# Help Me Choose!



## RGr (Dec 24, 2005)

Hi All

New to site and new to the world of watches. However it is my 30th Birthday







shortly and I was thinking of getting something special to mark the occasion. So here's where all your help and advice would be greatly appreciated.

So far I have been looking at Omega and Tag Heuer. Quite like the Speedmaster date and the Tag Heuer Carrera. Nearly the same price at approx Â£1000ish, but are they worth the money?? Why are these watches so expensive? Am I just buying a slice of history? or are these quality products? Which of the Omega and Tag is the better quality?

I am not wanting the watch for any particular purpose just for everyday use or maybe for special occassions









Are there any other manufacturers I should also look at? I never knew so many existed!!

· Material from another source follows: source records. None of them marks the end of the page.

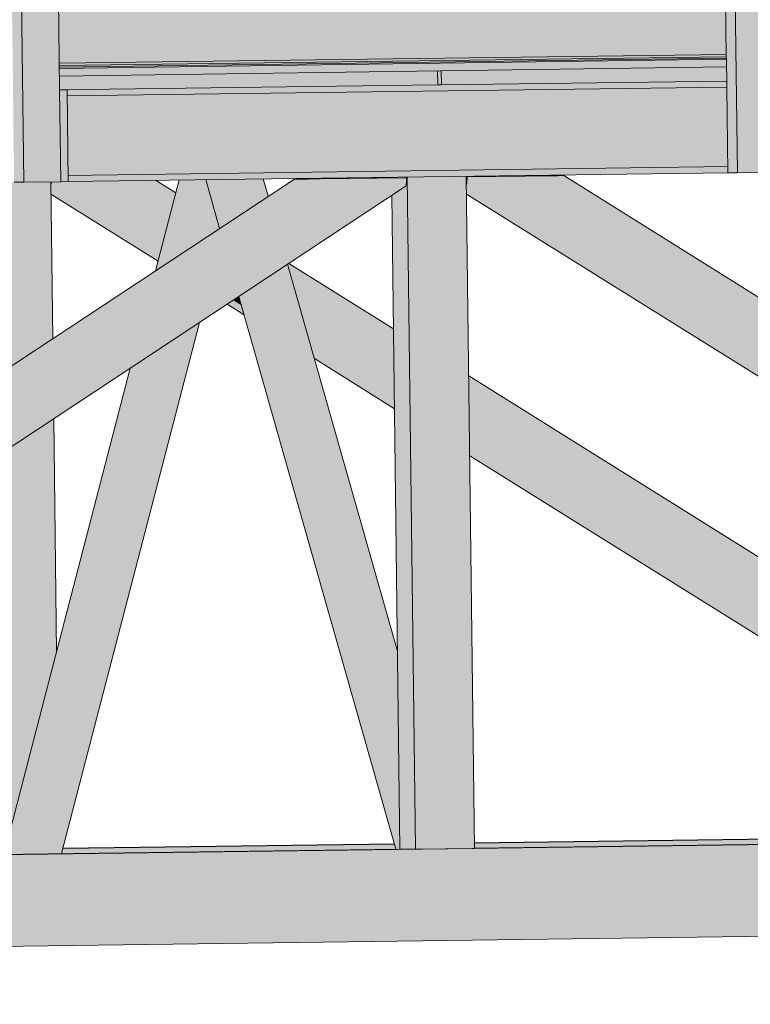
# Model space of a CAD drawing. Header units: centimetres. Extents: x -5472 to 10427, y -400 to 1902.
# Tile 71 of 91: x -4124 to -4028, y 1265 to 1394. Entities that reach past the tile are written whole.
import ezdxf

# ---------------------------------------------------------------- set-up
doc = ezdxf.new("R2010")
doc.units = ezdxf.units.CM
doc.header["$LTSCALE"] = 0.1
doc.header["$MEASUREMENT"] = 0
for name, color, linetype in [('2_kładka_IFC.K_IR', 7, 'Continuous'), ('2_stropy.K_IR', 7, 'Continuous'), ('5_opisy.K_IR', 7, 'Continuous')]:
    doc.layers.add(name, color=color, linetype=linetype)
doc.dimstyles.new('GENERATED_STYLE__3', dxfattribs={"dimtxt": 0.18, "dimasz": 18.24, "dimexe": 0.18, "dimexo": 0.0625, "dimgap": 0.09, "dimtad": 0, "dimtih": 1, "dimtoh": 1, "dimdec": 4, "dimzin": 0, "dimdsep": 46, "dimcen": 0.09, "dimadec": 0, "dimazin": 0, "dimtfac": 1, "dimtdec": 4, "dimtmove": 0, "dimatfit": 3, "dimldrblk": 'ARROWHEAD_5', "dimfxl": 1, "dimtolj": 1, "dimtzin": 0, "dimarcsym": 0})

# ---------------------------------------------------------------- blocks, each defined once
blk = doc.blocks.new('ElemPrzekroju_5_1')
at = {"layer": '2_stropy.K_IR', "linetype": 'Continuous', "lineweight": 0, "true_color": 0xe0e0e0}
blk.add_hatch(color=254, dxfattribs=at).paths.add_polyline_path([(-4118.85, 1387.75), (-4118.84, 1387.57), (-4031.47, 1388.79), (-4031.47, 1388.9)])
at = {"layer": '2_stropy.K_IR', "linetype": 'Continuous', "lineweight": 0, "true_color": 0x9e9e9e}
blk.add_hatch(color=253, dxfattribs=at).paths.add_polyline_path([(-4118.84, 1387.57), (-4031.47, 1388.79), (-4031.47, 1388.84), (-4032.13, 1388.83), (-4033.39, 1388.83), (-4031.47, 1388.86), (-4031.47, 1388.89), (-4032.17, 1388.88), (-4033.28, 1388.87), (-4035.03, 1388.85), (-4033.79, 1388.85), (-4035.86, 1388.83), (-4037.25, 1388.82), (-4044.23, 1388.73), (-4042.36, 1388.73), (-4044.43, 1388.71), (-4046.45, 1388.7), (-4048.2, 1388.68), (-4046.05, 1388.68), (-4056.04, 1388.54), (-4058.93, 1388.54), (-4060.67, 1388.51), (-4057.66, 1388.52), (-4067.64, 1388.38), (-4071.4, 1388.37), (-4073.14, 1388.35), (-4069.27, 1388.36), (-4079.25, 1388.22), (-4083.87, 1388.21), (-4085.62, 1388.19), (-4080.87, 1388.2), (-4090.86, 1388.06), (-4096.35, 1388.05), (-4098.09, 1388.02), (-4092.48, 1388.03), (-4102.47, 1387.89), (-4108.82, 1387.88), (-4110.57, 1387.86), (-4104.09, 1387.87), (-4114.08, 1387.73), (-4118.85, 1387.72), (-4118.85, 1387.7), (-4115.7, 1387.71), (-4118.85, 1387.67), (-4118.85, 1387.64), (-4039.89, 1388.74), (-4038.63, 1388.74), (-4118.84, 1387.62)])
at = {"layer": '2_stropy.K_IR', "linetype": 'Continuous', "lineweight": 0, "true_color": 0xb1b1b1}
blk.add_hatch(color=253, dxfattribs=at).paths.add_polyline_path([(-4031.47, 1388.79), (-4118.84, 1387.57), (-4118.83, 1386.57), (-4031.46, 1387.79)])
at = {"layer": '2_stropy.K_IR', "linetype": 'Continuous', "lineweight": 0, "true_color": 0x7a7a7a}
blk.add_hatch(color=8, dxfattribs=at).paths.add_polyline_path([(-4031.47, 1388.79), (-4118.84, 1387.57), (-4118.83, 1386.57), (-4031.46, 1387.79)])
at = {"layer": '2_stropy.K_IR', "color": 7, "linetype": 'Continuous', "lineweight": 0}
for p, q in [((-4118.84, 1387.57), (-4031.47, 1388.79)), ((-4031.46, 1387.79), (-4118.83, 1386.57))]:
    blk.add_line(p, q, dxfattribs=at)
blk = doc.blocks.new('ElemPrzekroju_648_1')
at = {"layer": '2_kładka_IFC.K_IR', "linetype": 'Continuous', "lineweight": 0, "true_color": 0x939393}
for points in [[(-4031.49, 1493.39), (-4032.76, 1493.37), (-4032.61, 1481.54), (-4032.53, 1481.54), (-4031.52, 1481.54), (-4031.51, 1481.24), (-4032.61, 1481.23), (-4031.74, 1411.05), (-4031.67, 1411.05), (-4030.65, 1411.05), (-4030.64, 1410.75), (-4031.74, 1410.73), (-4031.29, 1373.9), (-4030.02, 1373.9)], [(-4031.49, 1493.39), (-4032.76, 1493.37), (-4032.61, 1481.54), (-4032.53, 1481.54), (-4031.52, 1481.54), (-4031.51, 1481.24), (-4032.61, 1481.23), (-4031.74, 1411.05), (-4031.67, 1411.05), (-4030.65, 1411.05), (-4030.64, 1410.75), (-4031.74, 1410.73), (-4031.29, 1373.9), (-4030.02, 1373.9)], [(-4124.97, 1492.16), (-4126.24, 1492.14), (-4126.09, 1480.31), (-4126.01, 1480.31), (-4125, 1480.31), (-4124.99, 1480.01), (-4126.09, 1480), (-4125.23, 1409.82), (-4125.15, 1409.82), (-4124.13, 1409.82), (-4124.13, 1409.52), (-4125.22, 1409.5), (-4124.77, 1372.67), (-4123.5, 1372.67)], [(-4124.97, 1492.16), (-4126.24, 1492.14), (-4126.09, 1480.31), (-4126.01, 1480.31), (-4125, 1480.31), (-4124.99, 1480.01), (-4126.09, 1480), (-4125.23, 1409.82), (-4125.15, 1409.82), (-4124.13, 1409.82), (-4124.13, 1409.52), (-4125.22, 1409.5), (-4124.77, 1372.67), (-4123.5, 1372.67)], [(-4069.31, 1387.26), (-4069.29, 1385.42), (-4068.8, 1385.42), (-4068.83, 1387.27)], [(-4069.31, 1387.26), (-4069.29, 1385.42), (-4068.8, 1385.42), (-4068.83, 1387.27)], [(-4119.97, 1372.72), (-4119.97, 1372.37), (-4119.93, 1372.49), (-4119.9, 1372.72)], [(-4119.97, 1372.72), (-4119.97, 1372.37), (-4119.93, 1372.49), (-4119.9, 1372.72)], [(-4119.9, 1372.72), (-4119.93, 1372.49), (-4105.61, 1363.55), (-4105.54, 1363.83), (-4119.78, 1372.72)], [(-4119.9, 1372.72), (-4119.93, 1372.49), (-4105.61, 1363.55), (-4105.54, 1363.83), (-4119.78, 1372.72)], [(-4106.25, 1361.08), (-4106.19, 1361.12), (-4103.11, 1372.97), (-4103.16, 1372.97)], [(-4106.25, 1361.08), (-4106.19, 1361.12), (-4103.11, 1372.97), (-4103.16, 1372.97)], [(-4106.19, 1361.12), (-4104.21, 1362.43), (-4101.46, 1372.99), (-4103.11, 1372.97)], [(-4106.19, 1361.12), (-4104.21, 1362.43), (-4101.46, 1372.99), (-4103.11, 1372.97)], [(-4104.21, 1362.43), (-4104, 1362.57), (-4101.29, 1372.99), (-4101.46, 1372.99)], [(-4104.21, 1362.43), (-4104, 1362.57), (-4101.29, 1372.99), (-4101.46, 1372.99)], [(-4103.68, 1362.78), (-4103.3, 1363.03), (-4100.71, 1373), (-4101.02, 1372.99)], [(-4103.68, 1362.78), (-4103.3, 1363.03), (-4100.71, 1373), (-4101.02, 1372.99)], [(-4103.3, 1363.03), (-4102.92, 1363.28), (-4100.39, 1373), (-4100.71, 1373)], [(-4103.3, 1363.03), (-4102.92, 1363.28), (-4100.39, 1373), (-4100.71, 1373)], [(-4102.92, 1363.28), (-4097.87, 1366.62), (-4099.68, 1373.01), (-4100.39, 1373)], [(-4102.92, 1363.28), (-4097.87, 1366.62), (-4099.68, 1373.01), (-4100.39, 1373)], [(-4099.68, 1373.01), (-4097.87, 1366.62), (-4097.82, 1366.65), (-4099.63, 1373.01)], [(-4099.68, 1373.01), (-4097.87, 1366.62), (-4097.82, 1366.65), (-4099.63, 1373.01)], [(-4099.63, 1373.01), (-4097.82, 1366.65), (-4096.44, 1367.56), (-4098, 1373.03)], [(-4099.63, 1373.01), (-4097.82, 1366.65), (-4096.44, 1367.56), (-4098, 1373.03)], [(-4098, 1373.03), (-4096.44, 1367.56), (-4096.29, 1367.66), (-4097.82, 1373.04)], [(-4098, 1373.03), (-4096.44, 1367.56), (-4096.29, 1367.66), (-4097.82, 1373.04)], [(-4087.31, 1373.1), (-4087.32, 1373.1), (-4087.19, 1373.1), (-4087.19, 1373.11)], [(-4087.31, 1373.1), (-4087.32, 1373.1), (-4087.19, 1373.1), (-4087.19, 1373.11)], [(-4075.31, 1373.33), (-4075.31, 1373.26), (-4075.3, 1373.26), (-4075.3, 1373.24), (-4073.47, 1373.26), (-4073.37, 1373.26), (-4073.37, 1373.05), (-4073.38, 1372.69), (-4073.42, 1372.38), (-4073.48, 1372.18), (-4073.56, 1372.11), (-4075.28, 1370.97), (-4074.23, 1285.37), (-4072.19, 1285.37), (-4073.27, 1373.36)], [(-4075.31, 1373.33), (-4075.31, 1373.26), (-4075.3, 1373.26), (-4075.3, 1373.24), (-4073.47, 1373.26), (-4073.37, 1373.26), (-4073.37, 1373.05), (-4073.38, 1372.69), (-4073.42, 1372.38), (-4073.48, 1372.18), (-4073.56, 1372.11), (-4075.28, 1370.97), (-4074.23, 1285.37), (-4072.19, 1285.37), (-4073.27, 1373.36)], [(-4065.54, 1373.37), (-4065.52, 1372.37), (-4065.49, 1372.49), (-4065.45, 1372.79), (-4065.44, 1373.15), (-4065.44, 1373.37)], [(-4065.54, 1373.37), (-4065.52, 1372.37), (-4065.49, 1372.49), (-4065.45, 1372.79), (-4065.44, 1373.15), (-4065.44, 1373.37)], [(-4065.45, 1372.79), (-4065.49, 1372.49), (-4063.09, 1370.99), (-4062.94, 1371.23)], [(-4055.69, 1373.52), (-4055.65, 1373.5), (-4055.39, 1373.5), (-4055.43, 1373.52)], [(-4055.69, 1373.52), (-4055.65, 1373.5), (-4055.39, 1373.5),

I have quite small wrists and dont like an overly fussy looking watch - so that should narrow the search down some what.

Plenty here to keep you all occupied for a century or two.

Thanks


----------



## JoT (Aug 12, 2003)

Welcome to the forum RGr.

Both the watches you mention are very good, personally I would go for the Omega over Tag. having said that I find the Speedmaster looks very dated on the wrist .... and I am 20 years older than you!

Have you considerd Breitling? The Superocean is a great everyday watch that can also double as a special occaison watch. It is 42mm diameter but doesn't looks so big on the wrist because of the dial size. If you are after a chronograph they also do a Chrono Superocean.

Are they worth the money? Omega, Breitling I would say yes ... Tag I am not sure

Here's my Superocean with the all number dial.


----------



## Andy (Feb 23, 2003)

Well this is the question we all know and love.

Be prepared for a long thread here.

You mentioned Omega and Tag Heuer and I'd stick with those if that's what you like.

Tag are doing some nice watches at the moment and have at last moved away from the pure fashion accessory.

Watches like the Monaco and Autavia are clearly designed to appeal to enthusiasts more than label slaves.

However do yourself a favour and check out the main site before you do anything.

O&W and the RLT chrono might be right up your street.


----------



## Griff (Feb 23, 2003)

I'd choose Omega over Tag, but check out Oris Chrono too

For less expense but great quality O & W and RLT are excellent also


----------



## Stan (Aug 7, 2003)

RGr said:


> Hi All
> 
> New to site and new to the world of watches. However it is my 30th Birthday
> 
> ...


It may seem simplistic but I would pick the watch I liked.


----------



## Boxbrownie (Aug 11, 2005)

Well you know which one I chose!


----------



## Ironpants (Jul 1, 2005)

Stan said:


> It may seem simplistic but I would pick the watch I liked.


Never forget these words RGR.

Its easy to get carried away with the history, or who wore the watch in which film etc, but it is you who must wear it every day.

As for worth, no top brand represents value for money, only aspirational values. If it is value for money you want then there are better choices.

If I had the money I would have both of your short listed watches..... if that helps









Oh! and welcome.

Toby


----------



## RGr (Dec 24, 2005)

Thanks to all those who have contributed so far. Most helpful - I am sure that there must be more of you out there that are just itching to post your say!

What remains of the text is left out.